Mitigating membrane wetting in the treatment of unconventional oil and gas wastewater by membrane distillation: A comparison of pretreatment with omniphobic membrane

The treatment of unconventional oil and gas (UOG) wastewater by membrane distillation (MD) is a promising alternative to disposal via deep-well injection for UOG wastewater management. However, MD has been constrained by membrane pore wetting, which could be induced by surfactants that are commonly used in hydraulic fracturing fluids. Herein, we investigated and compared two strategies, namely pretreatment via coagulation-adsorption and the use of omniphobic membranes, for wetting mitigation in MD treatment of UOG wastewater from the Denver-Julesburg Basin, Colorado. Both strategies were able to mitigate membrane wetting, but pretreatment exhibited better treatment efficiency than the use of omniphobic membranes that was subject to significant membrane fouling. Membrane characterization using scanning electron microscopy, energy dispersive X-ray spectroscopy, and attenuated total reflectance-Fourier transform infrared spectroscopy demonstrated the effective reduction of membrane fouling and scaling after pretreatment. Further, ultrahigh pressure liquid chromatography (UHPLC) coupled with quadrupole time-of-flight mass spectrometry (LC/QToF/MS) was performed to investigate the efficacy of pretreatment in removing surfactants.

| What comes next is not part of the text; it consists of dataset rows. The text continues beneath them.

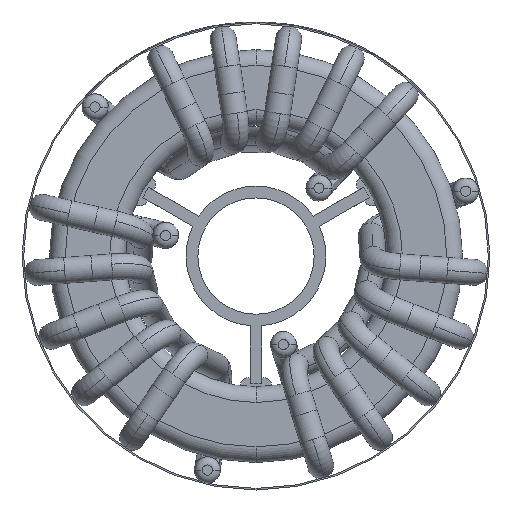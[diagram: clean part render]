
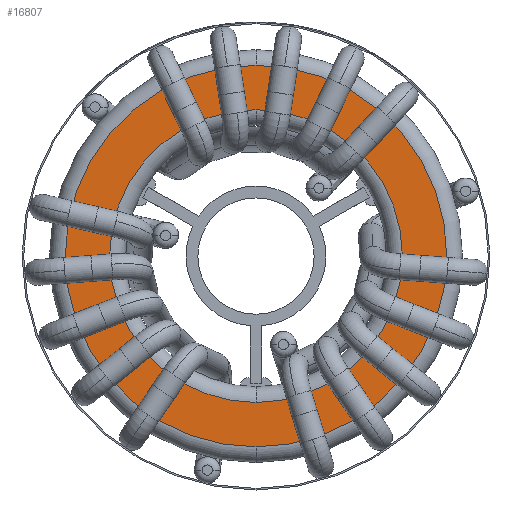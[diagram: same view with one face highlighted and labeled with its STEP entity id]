
A CAD part, front view. The second image highlights one B-rep face of the part: STEP entity #16807.
In plain terms, the highlighted planar face has unit normal (0, -1, 0).
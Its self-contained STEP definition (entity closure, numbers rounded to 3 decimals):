
#1766 = CARTESIAN_POINT ( 'NONE',  ( 0., -8.425, 18.665 ) ) ;
#2933 = CARTESIAN_POINT ( 'NONE',  ( 0., -8.425, 0. ) ) ;
#3180 = ORIENTED_EDGE ( 'NONE', *, *, #22266, .T. ) ;
#5819 = CARTESIAN_POINT ( 'NONE',  ( 0., -8.425, 0. ) ) ;
#6514 = FACE_OUTER_BOUND ( 'NONE', #38104, .T. ) ;
#6830 = PLANE ( 'NONE',  #15339 ) ;
#7029 = CARTESIAN_POINT ( 'NONE',  ( 0., -8.425, -24.32 ) ) ;
#7216 = DIRECTION ( 'NONE',  ( 0., -1., 0. ) ) ;
#8165 = DIRECTION ( 'NONE',  ( 0., 0., 1. ) ) ;
#8178 = CIRCLE ( 'NONE', #17296, 24.32 ) ;
#11286 = CARTESIAN_POINT ( 'NONE',  ( 0., -8.425, 0. ) ) ;
#11738 = AXIS2_PLACEMENT_3D ( 'NONE', #11286, #14951, #8165 ) ;
#12601 = VERTEX_POINT ( 'NONE', #7029 ) ;
#12639 = DIRECTION ( 'NONE',  ( 0., 0., 1. ) ) ;
#13466 = VERTEX_POINT ( 'NONE', #1766 ) ;
#14951 = DIRECTION ( 'NONE',  ( 0., 1., 0. ) ) ;
#15339 = AXIS2_PLACEMENT_3D ( 'NONE', #40102, #33342, #40402 ) ;
#16532 = VERTEX_POINT ( 'NONE', #32046 ) ;
#16807 = ADVANCED_FACE ( 'NONE', ( #24282, #6514 ), #6830, .F. ) ;
#17296 = AXIS2_PLACEMENT_3D ( 'NONE', #22815, #32653, #12639 ) ;
#18077 = AXIS2_PLACEMENT_3D ( 'NONE', #5819, #35845, #19026 ) ;
#18820 = CIRCLE ( 'NONE', #20554, 24.32 ) ;
#19026 = DIRECTION ( 'NONE',  ( 0., 0., 1. ) ) ;
#20554 = AXIS2_PLACEMENT_3D ( 'NONE', #2933, #7216, #30650 ) ;
#22266 = EDGE_CURVE ( 'NONE', #12601, #34962, #18820, .T. ) ;
#22815 = CARTESIAN_POINT ( 'NONE',  ( 0., -8.425, 0. ) ) ;
#24282 = FACE_BOUND ( 'NONE', #35530, .T. ) ;
#25948 = EDGE_CURVE ( 'NONE', #34962, #12601, #8178, .T. ) ;
#28309 = ORIENTED_EDGE ( 'NONE', *, *, #25948, .T. ) ;
#30650 = DIRECTION ( 'NONE',  ( 0., 0., 1. ) ) ;
#31575 = EDGE_CURVE ( 'NONE', #13466, #16532, #40066, .T. ) ;
#32046 = CARTESIAN_POINT ( 'NONE',  ( 0., -8.425, -18.665 ) ) ;
#32653 = DIRECTION ( 'NONE',  ( 0., -1., 0. ) ) ;
#33342 = DIRECTION ( 'NONE',  ( 0., 1., 0. ) ) ;
#34507 = EDGE_CURVE ( 'NONE', #16532, #13466, #41842, .T. ) ;
#34962 = VERTEX_POINT ( 'NONE', #37599 ) ;
#35378 = ORIENTED_EDGE ( 'NONE', *, *, #31575, .T. ) ;
#35530 = EDGE_LOOP ( 'NONE', ( #35378, #40706 ) ) ;
#35845 = DIRECTION ( 'NONE',  ( 0., 1., 0. ) ) ;
#37599 = CARTESIAN_POINT ( 'NONE',  ( 0., -8.425, 24.32 ) ) ;
#38104 = EDGE_LOOP ( 'NONE', ( #28309, #3180 ) ) ;
#40066 = CIRCLE ( 'NONE', #18077, 18.665 ) ;
#40102 = CARTESIAN_POINT ( 'NONE',  ( 0., -8.425, 0. ) ) ;
#40402 = DIRECTION ( 'NONE',  ( 0., 0., 1. ) ) ;
#40706 = ORIENTED_EDGE ( 'NONE', *, *, #34507, .T. ) ;
#41842 = CIRCLE ( 'NONE', #11738, 18.665 ) ;

Pretreatment was found to be highly efficient at removing polyethylene glycol (PEG) and polypropylene glycol (PPG) surfactant classes, which were likely responsible for membrane wetting. Our findings suggest that pretreatment could have comparable or even better effectiveness than omniphobic membranes for improving MD treatment of UOG wastewater with high wetting potential. Comparative investigations on these two wetting mitigation strategies are valuable for rational selection of appropriate strategies to promote practical applications of MD to industrial wastewater treatment.